Should that value be surprising? No. Some of your individual dimensions contain huge variations. For example, using only dimension 189
max(LSVT[,189]) - min(LSVT[,189])
[1] 80398191552
summary(kNNdist(as.matrix(LSVT[,189]), 5))
1 2 3 4 5
Min. :4.098e+04 Min. :3.259e+07 Min. :4.034e+07 Min. :5.791e+07 Min. :7.772e+07
1st Qu.:3.163e+07 1st Qu.:1.016e+08 1st Qu.:1.657e+08 1st Qu.:2.309e+08 1st Qu.:2.909e+08
Median :7.078e+07 Median :1.877e+08 Median :2.502e+08 Median :3.561e+08 Median :4.610e+08
Mean :3.580e+08 Mean :8.389e+08 Mean :1.112e+09 Mean :1.345e+09 Mean :1.623e+09
3rd Qu.:1.928e+08 3rd Qu.:5.211e+08 3rd Qu.:6.996e+08 3rd Qu.:9.491e+08 3rd Qu.:1.008e+09
Max. :1.036e+10 Max. :2.787e+10 Max. :2.888e+10 Max. :3.126e+10 Max. :3.770e+10
These dimensions on a very large scale will completely overwhelm the dimensions on a small scale. Because of this, you should almost certainly normalize the data.

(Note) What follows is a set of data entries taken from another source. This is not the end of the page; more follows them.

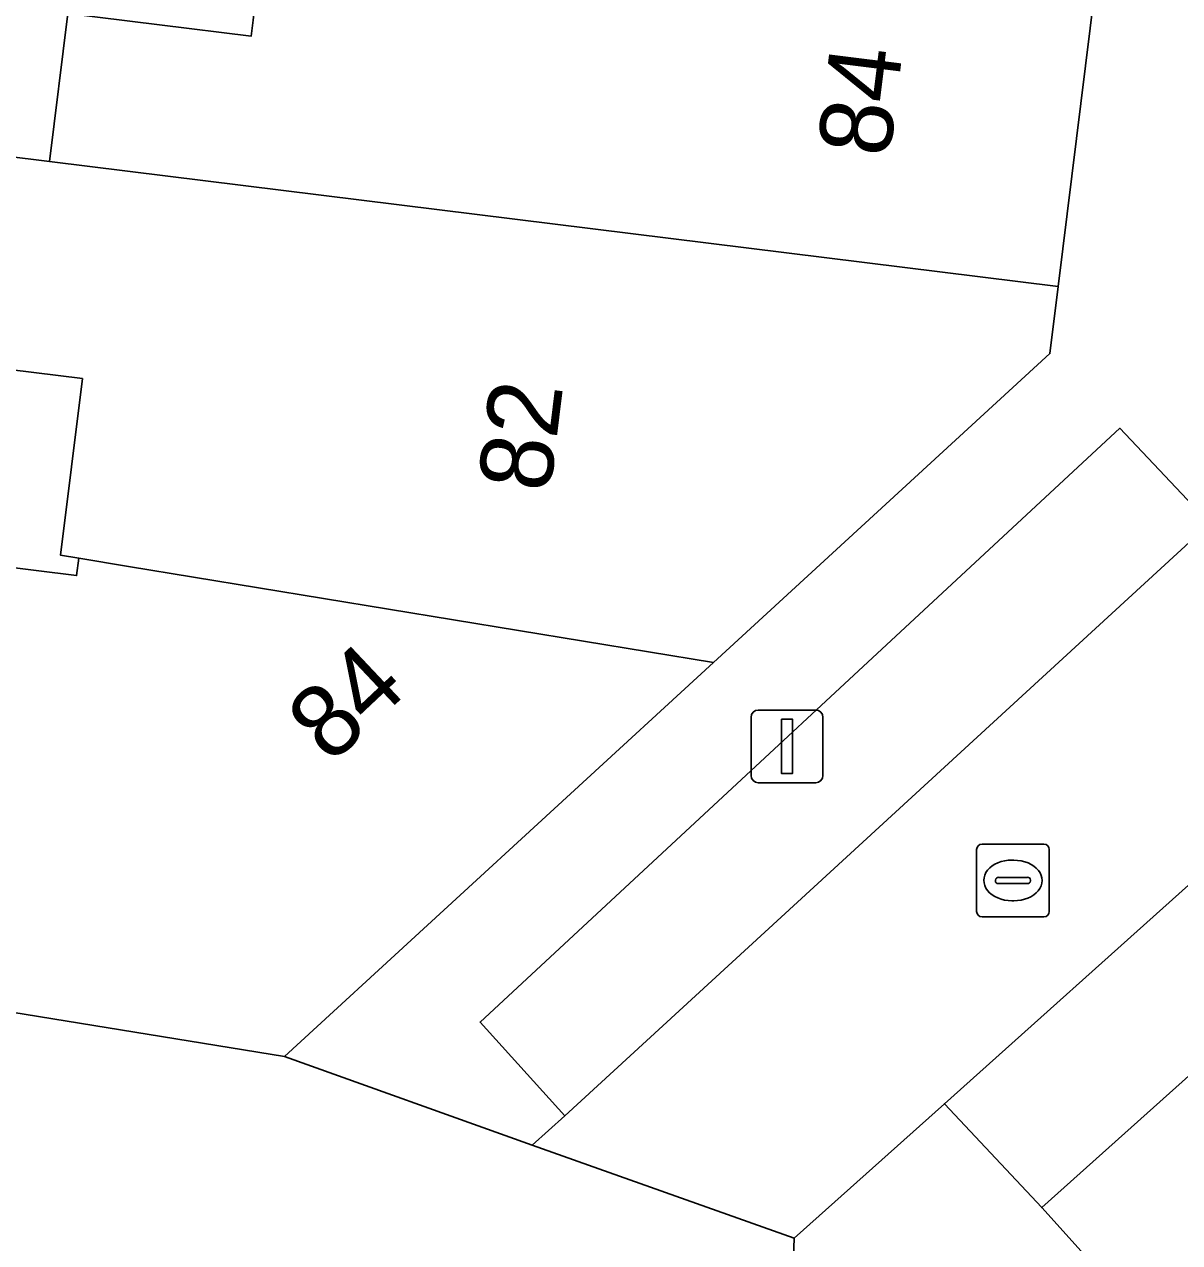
# Model space of a CAD drawing. Extents: x 162172 to 163187, y 382874 to 383685.
# Drawn here: x 162704 to 162719.9, y 383324.93 to 383341.7 of the extents above; entities that cross this region are included whole.
import ezdxf

# ---------------------------------------------------------------- set-up
doc = ezdxf.new("R2010")
doc.units = 0
for name, color, linetype in [('IMGEO_Erf', 7, 'Continuous'), ('IMGEO_Kolk', 7, 'Continuous'), ('IMGEO_Lichtmast', 7, 'Continuous'), ('IMGEO_Pand', 7, 'Continuous'), ('IMGEO_Pand_nummerreeks', 7, 'Continuous'), ('IMGEO_Parkeervlak_open', 7, 'Continuous'), ('IMGEO_Voetpad_open', 7, 'Continuous'), ('IMGEO_Woonerf_open', 7, 'Continuous')]:
    doc.layers.add(name, color=color, linetype=linetype)

msp = doc.modelspace()

# ---------------------------------------------------------------- linework, layer by layer
at = {"layer": 'IMGEO_Erf'}
for points in [[(162701.346, 383340.184), (162704.35, 383339.812), (162704.603, 383341.849), (162707.122, 383341.536), (162707.15, 383341.757), (162707.433, 383344.062), (162707.66, 383345.912), (162705.416, 383346.19), (162705.449, 383346.46), (162702.837, 383346.784)], [(162703.606, 383334.251), (162704.721, 383334.113), (162704.751, 383334.352), (162704.5, 383334.393), (162704.802, 383336.825), (162702.75, 383337.08)]]:
    msp.add_lwpolyline(points, dxfattribs=at)
at = {"layer": 'IMGEO_Kolk'}
for p, q in [((162717.183, 383330.418), (162718.035, 383330.418)), ((162717.108, 383329.492), (162717.108, 383330.344)), ((162718.109, 383330.344), (162718.109, 383329.492)), ((162717.596, 383330.198), (162717.621, 383330.198)), ((162717.367, 383329.912), (162717.367, 383329.924)), ((162717.41, 383329.961), (162717.808, 383329.961)), ((162717.851, 383329.924), (162717.851, 383329.912)), ((162717.805, 383329.875), (162717.407, 383329.875)), ((162717.619, 383329.638), (162717.594, 383329.638)), ((162718.035, 383329.418), (162717.183, 383329.418))]:
    msp.add_line(p, q, dxfattribs=at)
for points in [[(162717.183, 383330.418), (162718.035, 383330.418)], [(162717.108, 383329.492), (162717.108, 383330.344)], [(162718.109, 383330.344), (162718.109, 383329.492)], [(162718.035, 383329.418), (162717.183, 383329.418)]]:
    msp.add_lwpolyline(points, dxfattribs=at)
for centre, radius, start, end in [((162717.185, 383330.342), 0.0765, 91.552, 178.448), ((162717.185, 383330.342), 0.0765, 91.552, 178.448), ((162718.033, 383330.342), 0.0765, 1.552, 88.448), ((162718.033, 383330.342), 0.0765, 1.552, 88.448), ((162717.407, 383329.921), 0.0403, 85.8775, 175.7526), ((162717.812, 383329.923), 0.0386, 1.7309, 96.639), ((162717.404, 383329.911), 0.0366, 178.938, 274.7102), ((162717.808, 383329.918), 0.043, 264.8664, 352.4533), ((162717.185, 383329.494), 0.0765, 181.552, 268.448), ((162717.185, 383329.494), 0.0765, 181.552, 268.448), ((162718.033, 383329.494), 0.0765, 271.552, 358.448), ((162718.033, 383329.494), 0.0765, 271.552, 358.448)]:
    msp.add_arc(centre, radius, start, end, dxfattribs=at)
for centre, major_axis, ratio, start_param, end_param in [((162717.595, 383329.918), (-0.387, 0.002), 0.722429, 4.712389, 7.853982), ((162717.62, 383329.918), (-0.39, 0.002), 0.717154, 1.570796, 4.712389)]:
    msp.add_ellipse(centre, major_axis=major_axis, ratio=ratio, start_param=start_param, end_param=end_param, dxfattribs=at)
at = {"layer": 'IMGEO_Lichtmast'}
for p, q in [((162714.004, 383331.363), (162714.004, 383332.163)), ((162714.004, 383332.163), (162714.004, 383331.363)), ((162714.104, 383332.263), (162714.894, 383332.263)), ((162714.894, 383332.263), (162714.104, 383332.263)), ((162714.994, 383332.163), (162714.994, 383331.363)), ((162714.994, 383331.363), (162714.994, 383332.163)), ((162714.894, 383331.263), (162714.104, 383331.263)), ((162714.104, 383331.263), (162714.894, 383331.263))]:
    msp.add_line(p, q, dxfattribs=at)
msp.add_lwpolyline([(162714.424, 383332.138), (162714.574, 383332.138), (162714.574, 383331.388), (162714.424, 383331.388), (162714.424, 383332.138)], dxfattribs=at)
for centre, start, end in [((162714.104, 383332.163), 90, 180), ((162714.104, 383332.163), 90, 180), ((162714.894, 383332.163), 0, 90), ((162714.894, 383332.163), 360, 90), ((162714.104, 383331.363), 180, 270), ((162714.104, 383331.363), 180, 270), ((162714.894, 383331.363), 270, 0), ((162714.894, 383331.363), 270, 0)]:
    msp.add_arc(centre, 0.1, start, end, dxfattribs=at)
at = {"layer": 'IMGEO_Pand'}
for points in [[(162718.797, 383342.654), (162710.196, 383343.72), (162707.433, 383344.062), (162707.15, 383341.757), (162707.122, 383341.536), (162704.603, 383341.849), (162704.35, 383339.812), (162718.231, 383338.092)], [(162718.231, 383338.092), (162704.35, 383339.812), (162701.346, 383340.184), (162701.024, 383337.584), (162700.988, 383337.299), (162702.589, 383337.1), (162702.75, 383337.08), (162704.802, 383336.825), (162704.5, 383334.393), (162704.751, 383334.352), (162705.436, 383334.24), (162713.487, 383332.918), (162718.117, 383337.17)], [(162704.751, 383334.352), (162704.721, 383334.113), (162703.606, 383334.251), (162703.526, 383334.261), (162702.438, 383334.532), (162698.119, 383335.067), (162695.874, 383335.345), (162694.994, 383329.543), (162707.584, 383327.496), (162713.487, 383332.918), (162705.436, 383334.24)]]:
    msp.add_lwpolyline(points, close=True, dxfattribs=at)
at = {"layer": 'IMGEO_Parkeervlak_open'}
for points in [[(162720.319, 383334.831), (162719.08, 383336.142), (162710.275, 383327.97), (162711.44, 383326.677)], [(162721.36, 383321.691), (162732.572, 383331.719), (162729.204, 383335.445), (162718.005, 383325.416)]]:
    msp.add_lwpolyline(points, close=True, dxfattribs=at)
at = {"layer": 'IMGEO_Voetpad_open'}
for points in [[(162723.651, 383333.101), (162716.666, 383326.845), (162718.005, 383325.416), (162729.204, 383335.445), (162730.584, 383337.129), (162728.36, 383339.697), (162729.628, 383349.61), (162730.854, 383359.187), (162731.506, 383364.279), (162732.235, 383369.982), (162733.029, 383376.181), (162733.746, 383381.785), (162734.425, 383387.093), (162735.137, 383392.66), (162735.762, 383397.544), (162736.167, 383400.709)], [(162722.755, 383374.589), (162722.165, 383369.828), (162721.6, 383365.266), (162721.059, 383360.903), (162720.493, 383356.341), (162719.928, 383351.779), (162719.367, 383347.259), (162719.362, 383347.217), (162718.797, 383342.654), (162718.231, 383338.092), (162718.117, 383337.17), (162713.487, 383332.918), (162707.584, 383327.496), (162710.992, 383326.273), (162711.44, 383326.677), (162710.275, 383327.97), (162719.08, 383336.142), (162720.319, 383334.831)], [(162707.156, 383322.944), (162707.317, 383323.417), (162714.458, 383320.909), (162714.598, 383324.993), (162710.992, 383326.273), (162707.584, 383327.496), (162694.994, 383329.543), (162690.373, 383330.294), (162686.082, 383330.991), (162681.225, 383331.781), (162625.697, 383340.429)], [(162721.36, 383321.691), (162718.005, 383325.416), (162716.666, 383326.845), (162714.598, 383324.993), (162714.458, 383320.909), (162714.293, 383320.493), (162714.596, 383320.371), (162714.898, 383320.247), (162717.594, 383319.136), (162717.895, 383319.007), (162718.196, 383318.877)]]:
    msp.add_lwpolyline(points, dxfattribs=at)
at = {"layer": 'IMGEO_Woonerf_open'}
msp.add_lwpolyline([(162720.319, 383334.831), (162711.44, 383326.677), (162710.992, 383326.273), (162714.598, 383324.993), (162716.666, 383326.845), (162723.651, 383333.101)], dxfattribs=at)

# ---------------------------------------------------------------- texts
at = {"layer": 'IMGEO_Pand_nummerreeks'}
for s, rotation, p in [('84', 82.9299, (162715.908, 383339.854)), ('82', 82.9299, (162711.235, 383335.242)), ('84', 43.3156, (162708.222, 383331.504))]:
    msp.add_text(s, height=1, rotation=rotation, dxfattribs=at).set_placement(p)

doc.saveas('drawing.dxf')

summary(kNNdist(scale(as.matrix(LSVT)), 5))
1 2 3 4 5
Min. : 7.002 Min. : 7.511 Min. : 7.742 Min. : 7.949 Min. : 8.047
1st Qu.: 8.701 1st Qu.: 9.261 1st Qu.: 9.501 1st Qu.: 9.664 1st Qu.: 9.851
Median :10.010 Median :10.425 Median :10.626 Median :10.890 Median :11.172
Mean :11.456 Mean :12.417 Mean :12.927 Mean :13.306 Mean :13.551
3rd Qu.:11.622 3rd Qu.:12.176 3rd Qu.:12.492 3rd Qu.:12.876 3rd Qu.:13.093
Max. :70.220 Max. :76.359 Max. :83.243 Max. :87.601 Max. :88.197
Why is this different than the iris data? There are two big difference between your data and the iris data. Your data contains attributes on vastly different scales, whereas all of the iris attributes are comparably sized. Second, the values for the iris data are all within an order of magnitude of 1. Your data has values that are much smaller and much larger.
summary(LSVT[,c(27,189)])
Jitter..pitch_TKEO_prc75 entropy_shannon2_10_coef
Min. :-4.799e-09 Min. :-8.233e+10
1st Qu.:-1.582e-11 1st Qu.:-1.831e+10
Median : 1.987e-11 Median :-1.090e+10
Mean : 3.901e-10 Mean :-1.576e+10
3rd Qu.: 1.164e-10 3rd Qu.:-6.748e+09
Max. : 9.440e-09 Max. :-1.934e+09
summary(iris[,1:4])
Sepal.Length Sepal.Width Petal.Length Petal.Width
Min. :4.300 Min. :2.000 Min. :1.000 Min. :0.100
1st Qu.:5.100 1st Qu.:2.800 1st Qu.:1.600 1st Qu.:0.300
Median :5.800 Median :3.000 Median :4.350 Median :1.300
Mean :5.843 Mean :3.057 Mean :3.758 Mean :1.199
3rd Qu.:6.400 3rd Qu.:3.300 3rd Qu.:5.100 3rd Qu.:1.800
Max. :7.900 Max. :4.400 Max. :6.900 Max. :2.500
Response to comment
Using the R scale
function is what I would call standardization. There are other ways to scale the data. I do not mean to imply that standardization is the best. My intent with this answer was only to point out why you were seeing the behavior that you were seeing and point the direction for how to address it. Your data has variables on vastly different scales and you are computing distances. That will make the variables on a small scale have almost no influence on the result. Probably not what you want.
Standardization is a natural first attempt at addressing that. You can probably use that to get a better distance metric and hopefully a better understanding of how your variables interact. But other or additional
transformations to your data may be needed.